3D block modeling of indicators (classes spatial distribution) a Fe, b P

$$ I\left(\mathrm{F}\mathrm{e}\right)=\left\{\begin{array}{l}1\kern2.25em \mathrm{F}\mathrm{e}\le 45\\ {}2\kern2.25em \mathrm{F}\mathrm{e}>45\end{array}\right. $$

(4.1)

$$ I\left(\mathrm{P}\right) = \left\{\begin{array}{l}1\kern2.25em \mathrm{P}\le 1\\ {}2\kern2.25em 1<\mathrm{P}\le 10\\ {}3\kern2.25em \mathrm{P}>10\end{array}\right. $$

(4.2)

Fuzzy interval threshold definition

Fuzzy set theory is one of the theories which is applied to reason and make rational decisions in an environment of imperfect information.
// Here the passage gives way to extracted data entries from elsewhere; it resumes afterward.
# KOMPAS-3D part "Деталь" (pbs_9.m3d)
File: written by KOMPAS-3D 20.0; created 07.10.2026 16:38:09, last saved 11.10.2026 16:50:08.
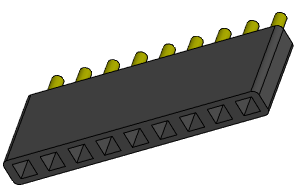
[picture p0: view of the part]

Document properties: Полное имя файла: D:\myProjects\Progect_esp32\box_compas\разъемы\pbs_9.m3d

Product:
- Part/product: Деталь
    Масса: 0.00276261
  - Body: Тело 1
      Масса: 0.00277694

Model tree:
1. Эскиз:1
2. Элемент выдавливания:1
     Расстояние 1 = 8.5
3. Эскиз:2  (with: Элемент выдавливания:1)
4. Элемент выдавливания:2
     Расстояние 1 = 3
5. Массив по сетке:2  (with: Элемент выдавливания:2, Эскиз:2)  (9 pattern instances)
     Шаг 1 = 2.54; Угол раствора = 90
6. Эскиз:3  (with: Элемент выдавливания:1)
7. Элемент выдавливания:3
     Расстояние 2 = 8
8. Массив по сетке:3  (with: Элемент выдавливания:3, Эскиз:3)  (9 pattern instances)
     Шаг 1 = 2.54; Угол раствора = 90; Геометрический массив = 128
9. Скругление:1  (with: Элемент выдавливания:1)
     Радиус = 0.5

The fuzzy approach can be considered as a tool to present approximate solution of real problems in an efficient way (Zadeh 2008; Zimmermann 2001). A point threshold results in two classes separated by the threshold value as a crisp boundary. However, since error in grade estimation is inevitable, it is necessary to choose a fuzzy interval threshold. We did this by defining fuzzy membership functions instead of a point threshold. A triangular fuzzy number μ _i (based on the linear relationship between grade and membership degree) was selected for modeling the interval threshold. Triangular fuzzy number (TFN) has a simple form, yet a high justification membership function and it is most commonly applied in different branches of science such as geosciences (Demicco and Klir 2004; Taboada et al. 2006).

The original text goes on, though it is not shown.